The Nature of Great Toys

It’s finally starting to feel like autumn around here.  The triple-digit heat has gone, and in its place rain has showered our desperately dry yard.  Recently on an afternoon walk, we gathered up leaves along the way.  We passed over apples left to rot on the sidewalk, dry browned leaves, and stopped to inspect bark peeling off of trees. We were just playing.
The products of nature are some of our favorite toys. We’ve used them outside and in, but it was their current, obviously evolving state that reminded me of why they are so valuable to children’s play.
Nature ages.  Natural artifacts show their wear.  One look at a fallen leaf after a rain, and the passage of time is evident.  With so many safe, durable, indestructible, made-for-children plastic toys that hardly show any wear, it is so enriching to play with natural materials that degrade over time.

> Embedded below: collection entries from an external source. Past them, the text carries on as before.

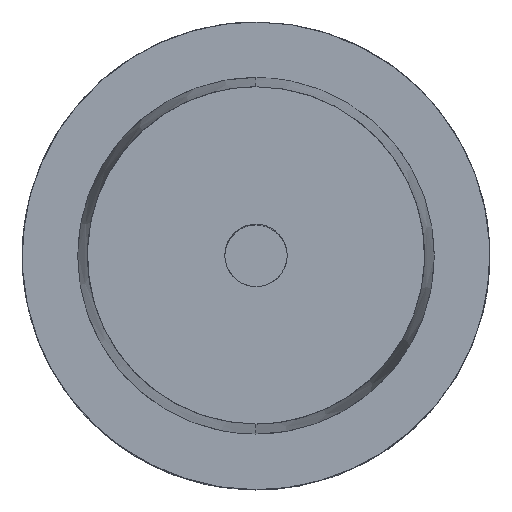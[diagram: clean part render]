
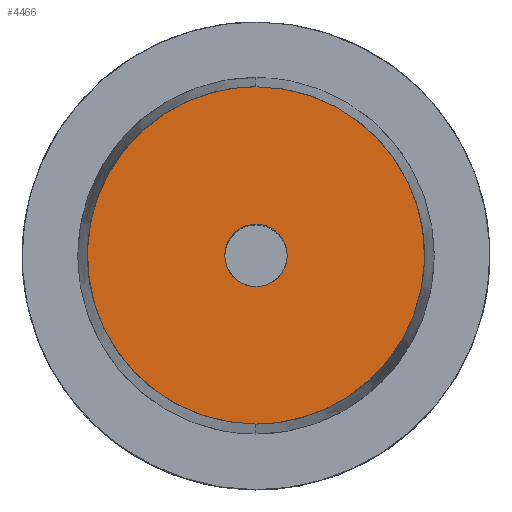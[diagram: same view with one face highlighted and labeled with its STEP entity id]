
A CAD part, top view. The second image highlights one B-rep face of the part: STEP entity #4466.
In plain terms, the highlighted planar face has unit normal (0, 0, -1).
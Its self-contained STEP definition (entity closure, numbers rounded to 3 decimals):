
#4466 = ADVANCED_FACE('',(#4467,#4514),#4483,.T.);
#4467 = FACE_BOUND('',#4468,.T.);
#4468 = EDGE_LOOP('',(#4469,#4496));
#4469 = ORIENTED_EDGE('',*,*,#4470,.T.);
#4470 = EDGE_CURVE('',#4471,#4473,#4475,.T.);
#4471 = VERTEX_POINT('',#4472);
#4472 = CARTESIAN_POINT('',(0.,22.717,32.));
#4473 = VERTEX_POINT('',#4474);
#4474 = CARTESIAN_POINT('',(0.,-22.717,32.));
#4475 = SURFACE_CURVE('',#4476,(#4482),.PCURVE_S1.);
#4476 = ( BOUNDED_CURVE() B_SPLINE_CURVE(2,(#4477,#4478,#4479,#4480,
#4481),.UNSPECIFIED.,.F.,.F.) B_SPLINE_CURVE_WITH_KNOTS((3,2,3),(0.,0.5,
1.),.PIECEWISE_BEZIER_KNOTS.) CURVE() GEOMETRIC_REPRESENTATION_ITEM() 
RATIONAL_B_SPLINE_CURVE((1.,0.707,1.,0.707,1.)) 
REPRESENTATION_ITEM('') );
#4477 = CARTESIAN_POINT('',(0.,22.717,32.));
#4478 = CARTESIAN_POINT('',(22.717,22.717,32.));
#4479 = CARTESIAN_POINT('',(22.717,0.,32.));
#4480 = CARTESIAN_POINT('',(22.717,-22.717,32.));
#4481 = CARTESIAN_POINT('',(0.,-22.717,32.));
#4482 = PCURVE('',#4483,#4488);
#4483 = PLANE('',#4484);
#4484 = AXIS2_PLACEMENT_3D('',#4485,#4486,#4487);
#4485 = CARTESIAN_POINT('',(0.,0.,32.)
  );
#4486 = DIRECTION('',(0.,0.,-1.));
#4487 = DIRECTION('',(0.,1.,0.));
#4488 = DEFINITIONAL_REPRESENTATION('',(#4489),#4495);
#4489 = ( BOUNDED_CURVE() B_SPLINE_CURVE(2,(#4490,#4491,#4492,#4493,
#4494),.UNSPECIFIED.,.F.,.F.) B_SPLINE_CURVE_WITH_KNOTS((3,2,3),(0.,0.5,
1.),.PIECEWISE_BEZIER_KNOTS.) CURVE() GEOMETRIC_REPRESENTATION_ITEM() 
RATIONAL_B_SPLINE_CURVE((1.,0.707,1.,0.707,1.)) 
REPRESENTATION_ITEM('') );
#4490 = CARTESIAN_POINT('',(22.717,0.));
#4491 = CARTESIAN_POINT('',(22.717,22.717));
#4492 = CARTESIAN_POINT('',(0.,22.717));
#4493 = CARTESIAN_POINT('',(-22.717,22.717));
#4494 = CARTESIAN_POINT('',(-22.717,0.));
#4495 = ( GEOMETRIC_REPRESENTATION_CONTEXT(2) 
PARAMETRIC_REPRESENTATION_CONTEXT() REPRESENTATION_CONTEXT('2D SPACE',''
  ) );
#4496 = ORIENTED_EDGE('',*,*,#4497,.T.);
#4497 = EDGE_CURVE('',#4473,#4471,#4498,.T.);
#4498 = SURFACE_CURVE('',#4499,(#4505),.PCURVE_S1.);
#4499 = ( BOUNDED_CURVE() B_SPLINE_CURVE(2,(#4500,#4501,#4502,#4503,
#4504),.UNSPECIFIED.,.F.,.F.) B_SPLINE_CURVE_WITH_KNOTS((3,2,3),(0.,0.5,
1.),.PIECEWISE_BEZIER_KNOTS.) CURVE() GEOMETRIC_REPRESENTATION_ITEM() 
RATIONAL_B_SPLINE_CURVE((1.,0.707,1.,0.707,1.)) 
REPRESENTATION_ITEM('') );
#4500 = CARTESIAN_POINT('',(0.,-22.717,32.));
#4501 = CARTESIAN_POINT('',(-22.717,-22.717,32.));
#4502 = CARTESIAN_POINT('',(-22.717,0.,32.));
#4503 = CARTESIAN_POINT('',(-22.717,22.717,32.));
#4504 = CARTESIAN_POINT('',(0.,22.717,32.));
#4505 = PCURVE('',#4483,#4506);
#4506 = DEFINITIONAL_REPRESENTATION('',(#4507),#4513);
#4507 = ( BOUNDED_CURVE() B_SPLINE_CURVE(2,(#4508,#4509,#4510,#4511,
#4512),.UNSPECIFIED.,.F.,.F.) B_SPLINE_CURVE_WITH_KNOTS((3,2,3),(0.,0.5,
1.),.PIECEWISE_BEZIER_KNOTS.) CURVE() GEOMETRIC_REPRESENTATION_ITEM() 
RATIONAL_B_SPLINE_CURVE((1.,0.707,1.,0.707,1.)) 
REPRESENTATION_ITEM('') );
#4508 = CARTESIAN_POINT('',(-22.717,0.));
#4509 = CARTESIAN_POINT('',(-22.717,-22.717));
#4510 = CARTESIAN_POINT('',(0.,-22.717));
#4511 = CARTESIAN_POINT('',(22.717,-22.717));
#4512 = CARTESIAN_POINT('',(22.717,0.));
#4513 = ( GEOMETRIC_REPRESENTATION_CONTEXT(2) 
PARAMETRIC_REPRESENTATION_CONTEXT() REPRESENTATION_CONTEXT('2D SPACE',''
  ) );
#4514 = FACE_BOUND('',#4515,.T.);
#4515 = EDGE_LOOP('',(#4516,#4538));
#4516 = ORIENTED_EDGE('',*,*,#4517,.T.);
#4517 = EDGE_CURVE('',#4518,#4520,#4522,.T.);
#4518 = VERTEX_POINT('',#4519);
#4519 = CARTESIAN_POINT('',(0.,4.2,32.));
#4520 = VERTEX_POINT('',#4521);
#4521 = CARTESIAN_POINT('',(0.,-4.2,32.));
#4522 = SURFACE_CURVE('',#4523,(#4529),.PCURVE_S1.);
#4523 = ( BOUNDED_CURVE() B_SPLINE_CURVE(2,(#4524,#4525,#4526,#4527,
#4528),.UNSPECIFIED.,.F.,.F.) B_SPLINE_CURVE_WITH_KNOTS((3,2,3),(0.,0.5,
1.),.PIECEWISE_BEZIER_KNOTS.) CURVE() GEOMETRIC_REPRESENTATION_ITEM() 
RATIONAL_B_SPLINE_CURVE((1.,0.707,1.,0.707,1.)) 
REPRESENTATION_ITEM('') );
#4524 = CARTESIAN_POINT('',(0.,4.2,32.));
#4525 = CARTESIAN_POINT('',(-4.2,4.2,32.));
#4526 = CARTESIAN_POINT('',(-4.2,0.,32.));
#4527 = CARTESIAN_POINT('',(-4.2,-4.2,32.));
#4528 = CARTESIAN_POINT('',(0.,-4.2,32.));
#4529 = PCURVE('',#4483,#4530);
#4530 = DEFINITIONAL_REPRESENTATION('',(#4531),#4537);
#4531 = ( BOUNDED_CURVE() B_SPLINE_CURVE(2,(#4532,#4533,#4534,#4535,
#4536),.UNSPECIFIED.,.F.,.F.) B_SPLINE_CURVE_WITH_KNOTS((3,2,3),(0.,0.5,
1.),.PIECEWISE_BEZIER_KNOTS.) CURVE() GEOMETRIC_REPRESENTATION_ITEM() 
RATIONAL_B_SPLINE_CURVE((1.,0.707,1.,0.707,1.)) 
REPRESENTATION_ITEM('') );
#4532 = CARTESIAN_POINT('',(4.2,0.));
#4533 = CARTESIAN_POINT('',(4.2,-4.2));
#4534 = CARTESIAN_POINT('',(0.,-4.2));
#4535 = CARTESIAN_POINT('',(-4.2,-4.2));
#4536 = CARTESIAN_POINT('',(-4.2,0.));
#4537 = ( GEOMETRIC_REPRESENTATION_CONTEXT(2) 
PARAMETRIC_REPRESENTATION_CONTEXT() REPRESENTATION_CONTEXT('2D SPACE',''
  ) );
#4538 = ORIENTED_EDGE('',*,*,#4539,.T.);
#4539 = EDGE_CURVE('',#4520,#4518,#4540,.T.);
#4540 = SURFACE_CURVE('',#4541,(#4547),.PCURVE_S1.);
#4541 = ( BOUNDED_CURVE() B_SPLINE_CURVE(2,(#4542,#4543,#4544,#4545,
#4546),.UNSPECIFIED.,.F.,.F.) B_SPLINE_CURVE_WITH_KNOTS((3,2,3),(0.,0.5,
1.),.PIECEWISE_BEZIER_KNOTS.) CURVE() GEOMETRIC_REPRESENTATION_ITEM() 
RATIONAL_B_SPLINE_CURVE((1.,0.707,1.,0.707,1.)) 
REPRESENTATION_ITEM('') );
#4542 = CARTESIAN_POINT('',(0.,-4.2,32.));
#4543 = CARTESIAN_POINT('',(4.2,-4.2,32.));
#4544 = CARTESIAN_POINT('',(4.2,0.,32.));
#4545 = CARTESIAN_POINT('',(4.2,4.2,32.));
#4546 = CARTESIAN_POINT('',(0.,4.2,32.));
#4547 = PCURVE('',#4483,#4548);
#4548 = DEFINITIONAL_REPRESENTATION('',(#4549),#4555);
#4549 = ( BOUNDED_CURVE() B_SPLINE_CURVE(2,(#4550,#4551,#4552,#4553,
#4554),.UNSPECIFIED.,.F.,.F.) B_SPLINE_CURVE_WITH_KNOTS((3,2,3),(0.,0.5,
1.),.PIECEWISE_BEZIER_KNOTS.) CURVE() GEOMETRIC_REPRESENTATION_ITEM() 
RATIONAL_B_SPLINE_CURVE((1.,0.707,1.,0.707,1.)) 
REPRESENTATION_ITEM('') );
#4550 = CARTESIAN_POINT('',(-4.2,0.));
#4551 = CARTESIAN_POINT('',(-4.2,4.2));
#4552 = CARTESIAN_POINT('',(0.,4.2));
#4553 = CARTESIAN_POINT('',(4.2,4.2));
#4554 = CARTESIAN_POINT('',(4.2,0.));
#4555 = ( GEOMETRIC_REPRESENTATION_CONTEXT(2) 
PARAMETRIC_REPRESENTATION_CONTEXT() REPRESENTATION_CONTEXT('2D SPACE',''
  ) );

Nature is irreparable.  Many natural materials are delicate, and few of the ones we find are indestructible. Flowers, leaves, and twigs can wilt, crumble, and snap, never to return to their original state.  Unlike most of our purchased toys, our natural ones cannot be glued or sewn back together.  Once changed, they will never be the same.
Nature reflects the climate.  Rain, heat, and humidity all leave their impression on our outdoor playground.  As nature responds to our climate, we change our routines and behaviors right alongside it. As our natural toys change, our play does as well. This change and response pattern keeps us engaged with our natural toys, and ultimately forges deeper connections to the earth.  This summer, our pine cones were open in the heat, but the recent rain has closed them and made them look like different objects all together.
Nature is unique.  I’ve mentioned before that one of the best things about nature is its irregularity. Even simple play with stones becomes far more intricate and complicated then Greysen’s play with uniform blocks.
Nature is colorful.  We have had some tremendous sunrises and sunsets as of late.  The girls and I notice a wide range of colors, from peach to periwinkle, all in the same sky. Unlike many of the toys marketed to today’s children in primary colors, nature offers a far more complicated spectrum of color.  Even beautiful Waldorf or Montessori toys in alternate ranges are not as commonly complex or varied in their color as nature can be.
Nature is something many adults find easier to love when it is fresh and contained (like in a vase), myself included.  All too often, we as adults are ready to throw flowers out as they start to wilt, or rake the leaves off of our lawns and toss them out.  Nature does not come inside as often as it could. What are your best solutions for your children to play freely with nature?